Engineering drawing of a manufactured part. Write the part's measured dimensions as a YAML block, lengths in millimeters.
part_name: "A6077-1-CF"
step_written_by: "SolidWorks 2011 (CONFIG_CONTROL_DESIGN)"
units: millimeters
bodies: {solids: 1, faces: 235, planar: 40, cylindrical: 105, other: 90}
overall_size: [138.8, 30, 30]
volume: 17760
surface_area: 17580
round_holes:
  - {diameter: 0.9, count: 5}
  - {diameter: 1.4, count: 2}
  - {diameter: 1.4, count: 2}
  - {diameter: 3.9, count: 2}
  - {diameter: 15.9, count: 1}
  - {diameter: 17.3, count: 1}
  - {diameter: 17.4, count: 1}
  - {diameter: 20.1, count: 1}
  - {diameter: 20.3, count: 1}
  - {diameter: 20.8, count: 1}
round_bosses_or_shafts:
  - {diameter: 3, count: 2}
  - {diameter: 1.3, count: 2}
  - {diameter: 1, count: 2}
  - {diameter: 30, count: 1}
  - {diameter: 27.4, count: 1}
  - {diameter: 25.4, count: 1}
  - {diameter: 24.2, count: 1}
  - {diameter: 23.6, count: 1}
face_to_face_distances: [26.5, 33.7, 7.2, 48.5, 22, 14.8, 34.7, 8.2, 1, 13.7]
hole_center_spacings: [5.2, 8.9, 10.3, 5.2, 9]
--
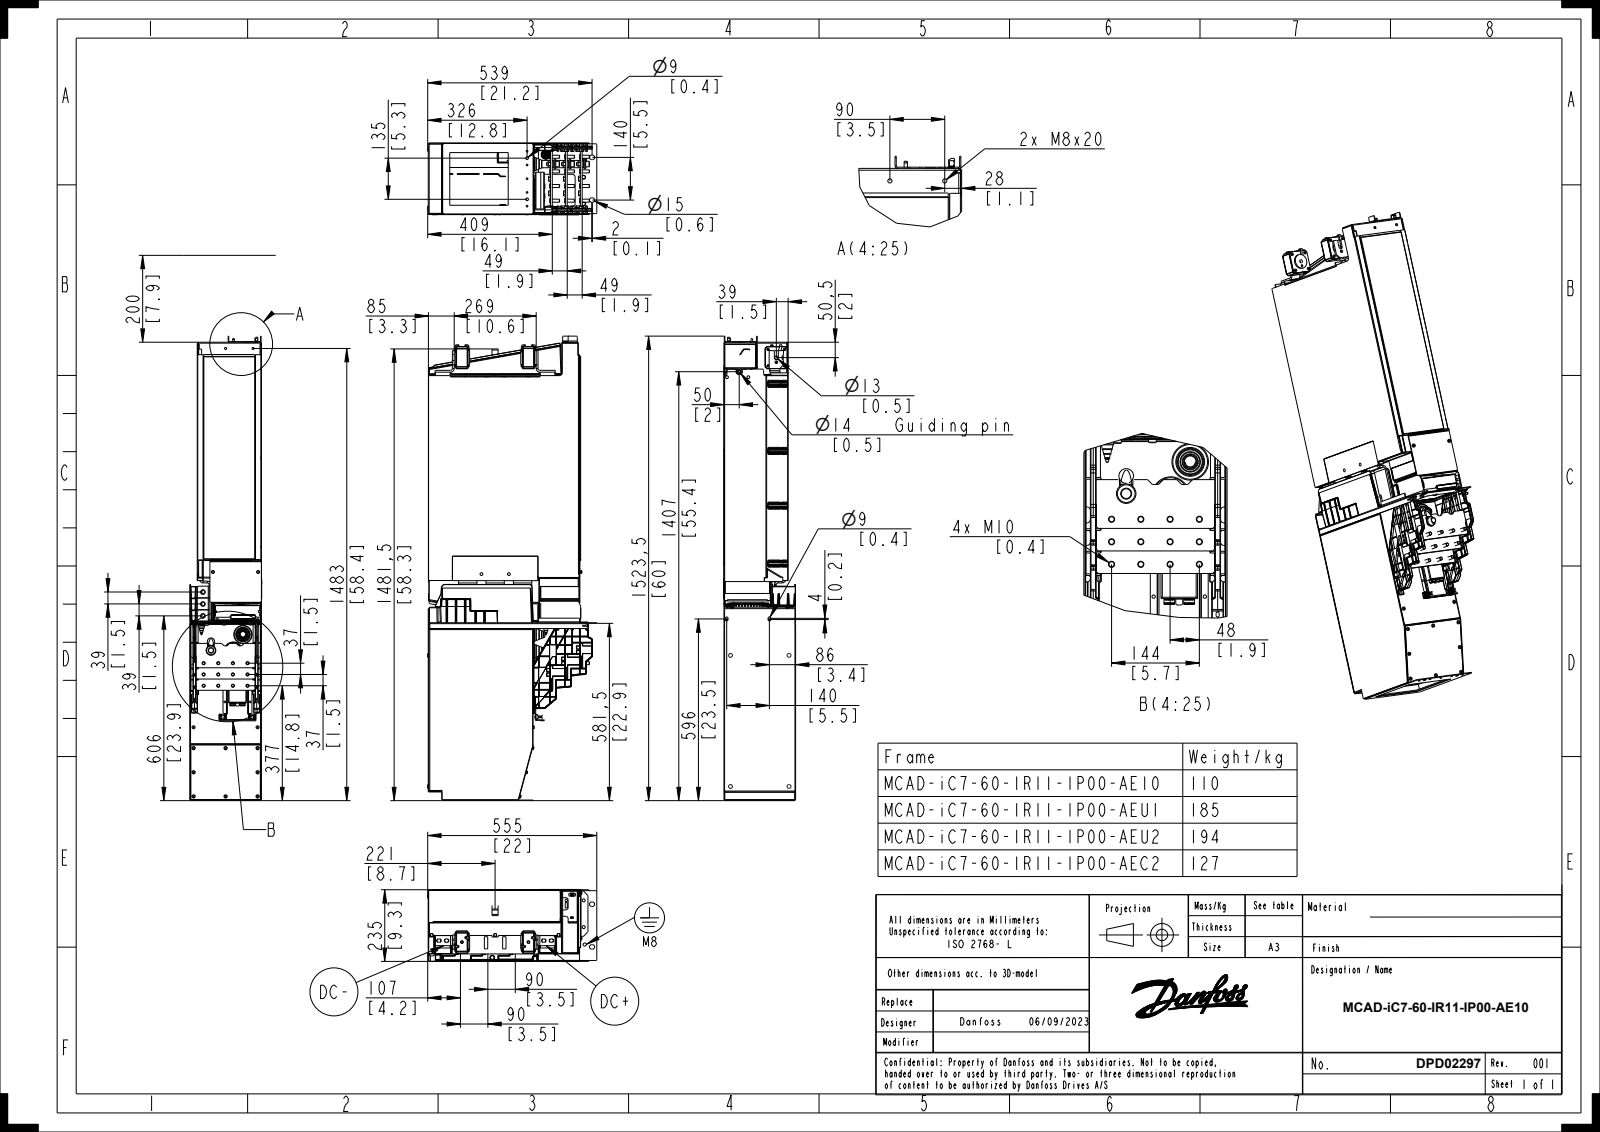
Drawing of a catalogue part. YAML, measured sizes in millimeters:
---
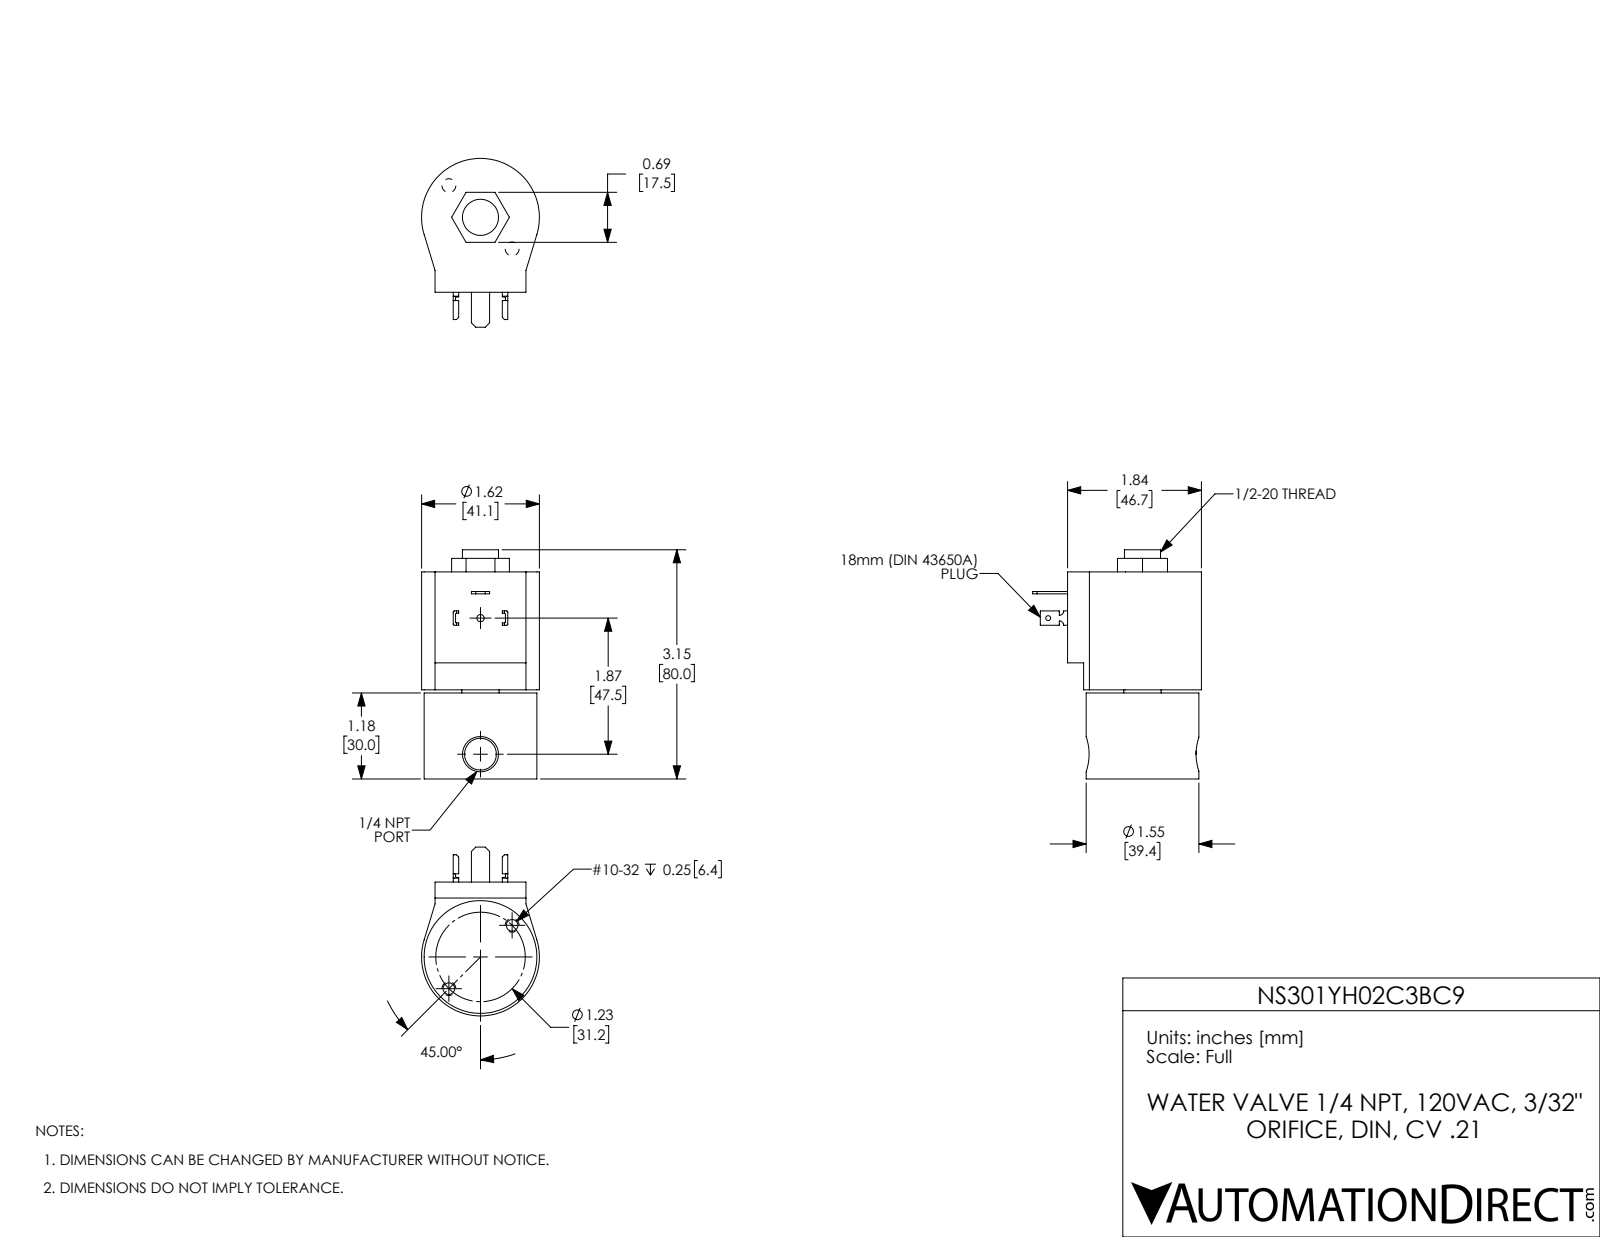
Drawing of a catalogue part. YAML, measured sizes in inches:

Work to complete » For the word "catalogue", count the lines of the listing above that hold it; the number alone is the answer.

Exercise output » 2